The more diligent you are about exploring the alternatives to retirement and long-term care homes, the more you’ll understand why these facilities exist.
Deaths in long-term care homes during the pandemic have undermined the idea that institutionalized care means safety and security. The National Institute on Ageing at Ryerson University did an online survey of 1,517 adults this summer and found that COVID-19 had influenced 60 per cent to change their mind about arranging for themselves or a loved one to move into a nursing or retirement home. At 65 and older, 70 per cent changed their mind.

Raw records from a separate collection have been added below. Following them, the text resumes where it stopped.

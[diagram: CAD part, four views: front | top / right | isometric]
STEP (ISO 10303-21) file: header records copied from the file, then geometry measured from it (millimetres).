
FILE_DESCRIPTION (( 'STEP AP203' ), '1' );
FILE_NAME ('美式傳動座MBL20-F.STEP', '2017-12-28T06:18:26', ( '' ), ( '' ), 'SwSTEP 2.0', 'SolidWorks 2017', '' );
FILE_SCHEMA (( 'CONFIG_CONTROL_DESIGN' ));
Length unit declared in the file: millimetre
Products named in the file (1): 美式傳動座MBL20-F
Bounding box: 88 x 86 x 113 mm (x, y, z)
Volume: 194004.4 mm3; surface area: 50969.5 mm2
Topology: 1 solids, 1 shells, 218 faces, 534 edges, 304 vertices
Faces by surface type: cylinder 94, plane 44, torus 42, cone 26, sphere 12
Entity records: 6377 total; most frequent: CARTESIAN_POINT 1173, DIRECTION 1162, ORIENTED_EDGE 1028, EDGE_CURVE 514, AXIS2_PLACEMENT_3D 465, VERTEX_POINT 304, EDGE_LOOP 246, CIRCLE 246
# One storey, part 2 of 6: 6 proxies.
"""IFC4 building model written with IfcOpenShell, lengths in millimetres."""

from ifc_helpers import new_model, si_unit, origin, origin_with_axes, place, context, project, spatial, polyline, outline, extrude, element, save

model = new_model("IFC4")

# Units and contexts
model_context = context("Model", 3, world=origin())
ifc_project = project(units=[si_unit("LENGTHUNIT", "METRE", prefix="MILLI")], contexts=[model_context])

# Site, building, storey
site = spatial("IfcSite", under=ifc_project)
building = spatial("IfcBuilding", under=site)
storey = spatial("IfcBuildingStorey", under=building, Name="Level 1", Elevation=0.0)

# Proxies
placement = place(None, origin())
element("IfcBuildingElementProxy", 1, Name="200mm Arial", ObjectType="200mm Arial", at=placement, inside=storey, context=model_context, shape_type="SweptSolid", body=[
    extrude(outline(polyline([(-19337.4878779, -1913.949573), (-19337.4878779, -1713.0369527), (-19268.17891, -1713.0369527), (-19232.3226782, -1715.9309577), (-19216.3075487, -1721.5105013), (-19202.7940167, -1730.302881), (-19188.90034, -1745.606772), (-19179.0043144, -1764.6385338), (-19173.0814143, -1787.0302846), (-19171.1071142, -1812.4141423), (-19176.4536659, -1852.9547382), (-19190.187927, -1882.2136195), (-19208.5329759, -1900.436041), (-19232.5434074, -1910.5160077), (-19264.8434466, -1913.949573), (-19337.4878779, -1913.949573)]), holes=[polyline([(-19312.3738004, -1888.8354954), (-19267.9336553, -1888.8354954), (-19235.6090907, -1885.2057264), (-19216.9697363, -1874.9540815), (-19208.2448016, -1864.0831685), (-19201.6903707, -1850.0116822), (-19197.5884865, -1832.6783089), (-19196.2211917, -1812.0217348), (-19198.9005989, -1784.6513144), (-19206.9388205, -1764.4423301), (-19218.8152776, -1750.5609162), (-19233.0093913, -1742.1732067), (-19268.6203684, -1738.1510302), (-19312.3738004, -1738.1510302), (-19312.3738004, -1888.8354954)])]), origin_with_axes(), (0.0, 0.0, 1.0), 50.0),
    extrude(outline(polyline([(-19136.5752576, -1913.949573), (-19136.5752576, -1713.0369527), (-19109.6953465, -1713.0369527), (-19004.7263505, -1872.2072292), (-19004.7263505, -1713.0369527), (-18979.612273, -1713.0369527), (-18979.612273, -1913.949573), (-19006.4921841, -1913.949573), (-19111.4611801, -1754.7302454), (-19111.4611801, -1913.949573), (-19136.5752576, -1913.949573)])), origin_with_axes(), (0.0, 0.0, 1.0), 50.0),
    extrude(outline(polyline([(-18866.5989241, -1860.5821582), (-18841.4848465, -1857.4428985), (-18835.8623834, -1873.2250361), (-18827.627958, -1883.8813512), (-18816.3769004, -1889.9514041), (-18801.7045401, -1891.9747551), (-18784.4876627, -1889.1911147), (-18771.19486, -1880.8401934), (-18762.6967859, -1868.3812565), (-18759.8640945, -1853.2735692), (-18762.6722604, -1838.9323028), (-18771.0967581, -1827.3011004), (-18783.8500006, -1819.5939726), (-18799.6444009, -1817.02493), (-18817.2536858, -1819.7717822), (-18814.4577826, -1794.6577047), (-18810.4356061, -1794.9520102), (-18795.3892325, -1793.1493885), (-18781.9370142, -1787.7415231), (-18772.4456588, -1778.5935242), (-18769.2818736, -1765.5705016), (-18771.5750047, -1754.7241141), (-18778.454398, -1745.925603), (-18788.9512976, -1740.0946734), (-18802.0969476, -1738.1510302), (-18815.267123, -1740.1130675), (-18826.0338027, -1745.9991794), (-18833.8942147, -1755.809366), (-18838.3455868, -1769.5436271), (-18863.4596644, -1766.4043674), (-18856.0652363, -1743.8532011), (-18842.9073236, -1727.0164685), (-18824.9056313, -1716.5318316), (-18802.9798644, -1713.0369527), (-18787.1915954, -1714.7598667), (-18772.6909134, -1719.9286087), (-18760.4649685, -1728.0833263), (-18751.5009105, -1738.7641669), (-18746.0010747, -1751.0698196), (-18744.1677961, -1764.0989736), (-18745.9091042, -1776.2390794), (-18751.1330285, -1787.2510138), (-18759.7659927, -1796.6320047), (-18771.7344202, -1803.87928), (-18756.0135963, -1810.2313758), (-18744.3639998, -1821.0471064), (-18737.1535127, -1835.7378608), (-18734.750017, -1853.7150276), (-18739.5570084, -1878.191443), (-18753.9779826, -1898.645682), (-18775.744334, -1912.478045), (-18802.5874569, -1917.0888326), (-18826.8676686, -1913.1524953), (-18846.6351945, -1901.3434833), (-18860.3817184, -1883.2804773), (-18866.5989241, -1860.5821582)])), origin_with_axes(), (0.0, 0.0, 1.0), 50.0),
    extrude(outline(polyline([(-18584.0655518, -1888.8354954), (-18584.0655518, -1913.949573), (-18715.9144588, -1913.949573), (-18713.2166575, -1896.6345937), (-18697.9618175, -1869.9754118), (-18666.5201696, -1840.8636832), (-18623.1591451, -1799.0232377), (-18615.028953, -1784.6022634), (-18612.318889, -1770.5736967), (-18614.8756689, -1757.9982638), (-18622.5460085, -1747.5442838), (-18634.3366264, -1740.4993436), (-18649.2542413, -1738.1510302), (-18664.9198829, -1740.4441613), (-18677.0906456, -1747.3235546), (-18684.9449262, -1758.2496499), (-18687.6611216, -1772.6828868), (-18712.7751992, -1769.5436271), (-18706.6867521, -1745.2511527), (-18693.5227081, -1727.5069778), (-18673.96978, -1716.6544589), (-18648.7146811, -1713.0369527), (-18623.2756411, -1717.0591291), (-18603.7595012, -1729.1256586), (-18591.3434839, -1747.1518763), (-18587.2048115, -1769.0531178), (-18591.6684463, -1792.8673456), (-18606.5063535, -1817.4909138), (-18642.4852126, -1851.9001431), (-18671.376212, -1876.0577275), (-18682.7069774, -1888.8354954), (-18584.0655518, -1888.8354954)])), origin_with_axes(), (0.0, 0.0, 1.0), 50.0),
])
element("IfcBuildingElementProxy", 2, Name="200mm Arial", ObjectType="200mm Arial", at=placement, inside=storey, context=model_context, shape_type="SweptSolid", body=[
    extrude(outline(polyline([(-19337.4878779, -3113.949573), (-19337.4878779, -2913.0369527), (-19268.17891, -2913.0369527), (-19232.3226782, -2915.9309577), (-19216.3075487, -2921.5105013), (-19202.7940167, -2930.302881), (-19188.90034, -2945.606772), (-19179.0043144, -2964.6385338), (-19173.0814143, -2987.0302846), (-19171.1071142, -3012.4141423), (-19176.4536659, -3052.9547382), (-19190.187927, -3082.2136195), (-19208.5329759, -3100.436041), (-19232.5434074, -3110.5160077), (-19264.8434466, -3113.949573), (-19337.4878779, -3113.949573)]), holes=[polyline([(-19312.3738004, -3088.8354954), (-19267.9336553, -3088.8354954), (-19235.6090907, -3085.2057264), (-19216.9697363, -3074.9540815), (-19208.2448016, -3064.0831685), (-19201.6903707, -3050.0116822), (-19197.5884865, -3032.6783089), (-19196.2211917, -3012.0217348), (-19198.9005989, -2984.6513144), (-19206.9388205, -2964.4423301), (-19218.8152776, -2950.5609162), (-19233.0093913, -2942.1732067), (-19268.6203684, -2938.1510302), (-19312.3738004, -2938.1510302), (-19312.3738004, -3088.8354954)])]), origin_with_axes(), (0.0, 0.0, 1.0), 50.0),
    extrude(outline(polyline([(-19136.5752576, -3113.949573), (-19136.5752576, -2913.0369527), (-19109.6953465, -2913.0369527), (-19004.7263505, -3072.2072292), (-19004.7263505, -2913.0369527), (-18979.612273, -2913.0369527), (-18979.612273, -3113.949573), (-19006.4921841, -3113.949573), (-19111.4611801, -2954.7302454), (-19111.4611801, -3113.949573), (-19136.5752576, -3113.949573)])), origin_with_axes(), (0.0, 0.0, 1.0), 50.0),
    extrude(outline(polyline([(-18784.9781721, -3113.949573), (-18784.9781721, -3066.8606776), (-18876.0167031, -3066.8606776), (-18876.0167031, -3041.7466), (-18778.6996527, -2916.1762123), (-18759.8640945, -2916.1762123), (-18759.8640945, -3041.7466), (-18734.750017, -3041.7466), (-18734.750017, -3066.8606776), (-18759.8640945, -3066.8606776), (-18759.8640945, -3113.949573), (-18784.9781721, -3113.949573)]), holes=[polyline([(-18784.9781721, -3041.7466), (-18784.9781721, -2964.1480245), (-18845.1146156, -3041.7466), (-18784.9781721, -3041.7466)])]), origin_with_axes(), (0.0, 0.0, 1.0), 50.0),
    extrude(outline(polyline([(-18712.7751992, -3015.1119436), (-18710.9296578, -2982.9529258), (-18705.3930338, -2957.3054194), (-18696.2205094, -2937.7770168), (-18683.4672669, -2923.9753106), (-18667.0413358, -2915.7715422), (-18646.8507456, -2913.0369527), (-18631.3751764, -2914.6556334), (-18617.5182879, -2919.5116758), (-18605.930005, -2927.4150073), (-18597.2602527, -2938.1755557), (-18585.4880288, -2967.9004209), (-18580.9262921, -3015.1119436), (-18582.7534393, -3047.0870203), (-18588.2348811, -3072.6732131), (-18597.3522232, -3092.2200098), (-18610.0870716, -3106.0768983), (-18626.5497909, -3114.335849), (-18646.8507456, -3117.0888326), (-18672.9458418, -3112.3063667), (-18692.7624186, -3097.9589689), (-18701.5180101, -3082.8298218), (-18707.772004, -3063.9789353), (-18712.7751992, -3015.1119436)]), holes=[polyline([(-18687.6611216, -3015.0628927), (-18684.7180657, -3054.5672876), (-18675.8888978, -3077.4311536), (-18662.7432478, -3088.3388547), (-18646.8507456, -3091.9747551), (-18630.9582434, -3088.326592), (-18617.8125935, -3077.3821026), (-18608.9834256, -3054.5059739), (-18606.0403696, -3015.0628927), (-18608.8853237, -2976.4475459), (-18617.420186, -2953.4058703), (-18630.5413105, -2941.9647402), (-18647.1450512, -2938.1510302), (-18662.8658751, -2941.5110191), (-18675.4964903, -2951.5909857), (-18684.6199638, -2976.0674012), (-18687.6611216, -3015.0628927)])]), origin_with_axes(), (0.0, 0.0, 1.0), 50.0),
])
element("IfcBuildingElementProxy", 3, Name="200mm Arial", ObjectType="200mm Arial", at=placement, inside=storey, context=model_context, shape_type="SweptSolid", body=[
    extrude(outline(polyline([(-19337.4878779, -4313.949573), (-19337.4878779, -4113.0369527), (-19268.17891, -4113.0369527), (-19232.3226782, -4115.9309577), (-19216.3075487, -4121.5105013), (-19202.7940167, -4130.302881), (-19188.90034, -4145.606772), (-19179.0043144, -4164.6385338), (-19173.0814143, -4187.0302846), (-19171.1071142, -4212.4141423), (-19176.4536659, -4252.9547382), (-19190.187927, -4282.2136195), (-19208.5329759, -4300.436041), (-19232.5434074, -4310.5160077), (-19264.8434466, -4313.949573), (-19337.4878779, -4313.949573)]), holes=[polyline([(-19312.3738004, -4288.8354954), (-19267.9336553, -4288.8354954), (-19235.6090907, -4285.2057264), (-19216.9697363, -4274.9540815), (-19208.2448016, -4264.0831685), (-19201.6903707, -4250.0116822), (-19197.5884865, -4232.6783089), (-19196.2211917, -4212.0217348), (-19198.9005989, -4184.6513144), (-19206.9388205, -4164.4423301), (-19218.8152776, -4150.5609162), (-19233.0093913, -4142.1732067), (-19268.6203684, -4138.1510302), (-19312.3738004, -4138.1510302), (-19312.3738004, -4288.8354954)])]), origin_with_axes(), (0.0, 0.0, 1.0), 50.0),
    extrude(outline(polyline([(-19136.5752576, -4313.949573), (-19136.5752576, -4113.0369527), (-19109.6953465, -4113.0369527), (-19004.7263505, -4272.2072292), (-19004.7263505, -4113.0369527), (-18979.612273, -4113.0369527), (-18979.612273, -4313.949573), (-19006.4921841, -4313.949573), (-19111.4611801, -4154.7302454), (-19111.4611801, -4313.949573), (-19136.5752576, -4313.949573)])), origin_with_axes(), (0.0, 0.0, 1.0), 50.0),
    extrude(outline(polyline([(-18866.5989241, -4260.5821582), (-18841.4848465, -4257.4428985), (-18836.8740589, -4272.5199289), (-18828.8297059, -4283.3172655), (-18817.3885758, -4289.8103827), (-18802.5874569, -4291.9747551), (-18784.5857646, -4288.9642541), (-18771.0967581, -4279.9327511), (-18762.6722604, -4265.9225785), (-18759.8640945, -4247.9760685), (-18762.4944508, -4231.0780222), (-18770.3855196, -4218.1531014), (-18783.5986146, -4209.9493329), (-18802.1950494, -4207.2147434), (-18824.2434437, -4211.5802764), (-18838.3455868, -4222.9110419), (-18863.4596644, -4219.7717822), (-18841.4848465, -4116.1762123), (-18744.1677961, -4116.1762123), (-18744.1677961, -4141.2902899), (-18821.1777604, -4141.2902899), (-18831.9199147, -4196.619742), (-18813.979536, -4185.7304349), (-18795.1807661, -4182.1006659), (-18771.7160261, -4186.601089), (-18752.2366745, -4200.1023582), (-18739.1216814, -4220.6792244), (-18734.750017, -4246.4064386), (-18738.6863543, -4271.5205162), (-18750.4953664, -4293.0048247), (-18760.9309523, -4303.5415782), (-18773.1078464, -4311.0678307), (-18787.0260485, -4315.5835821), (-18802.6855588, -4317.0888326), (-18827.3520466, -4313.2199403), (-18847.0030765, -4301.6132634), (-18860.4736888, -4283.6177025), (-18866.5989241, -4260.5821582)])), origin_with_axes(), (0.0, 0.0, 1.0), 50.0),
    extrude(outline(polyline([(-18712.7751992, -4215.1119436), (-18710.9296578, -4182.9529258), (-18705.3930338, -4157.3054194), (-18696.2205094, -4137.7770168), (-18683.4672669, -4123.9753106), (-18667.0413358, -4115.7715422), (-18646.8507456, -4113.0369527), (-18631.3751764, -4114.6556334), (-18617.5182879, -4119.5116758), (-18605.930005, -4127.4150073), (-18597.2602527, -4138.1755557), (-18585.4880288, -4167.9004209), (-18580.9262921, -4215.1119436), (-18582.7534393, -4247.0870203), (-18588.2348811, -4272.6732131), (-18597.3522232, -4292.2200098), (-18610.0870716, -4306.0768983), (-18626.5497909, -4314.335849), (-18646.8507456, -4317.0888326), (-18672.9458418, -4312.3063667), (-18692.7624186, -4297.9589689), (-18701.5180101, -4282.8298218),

This rethink of institutionalized care for seniors is based on health factors, namely the hundreds of long-term care home residents who died, often alone, in the pandemic and the emotional pain of seeing this happen to our most vulnerable citizens and family members. But there’s a lot more to consider, financial factors among them, if you see aging at home as a preferable option for you or a family member.
First, some benefits of staying at home. “You’re in a familiar environment and you’re in your community – near your friends and family, hopefully,” said Karen Henderson, founder and chief executive of the Long Term Care Planning Network. “You also know how much it costs to stay in your home.”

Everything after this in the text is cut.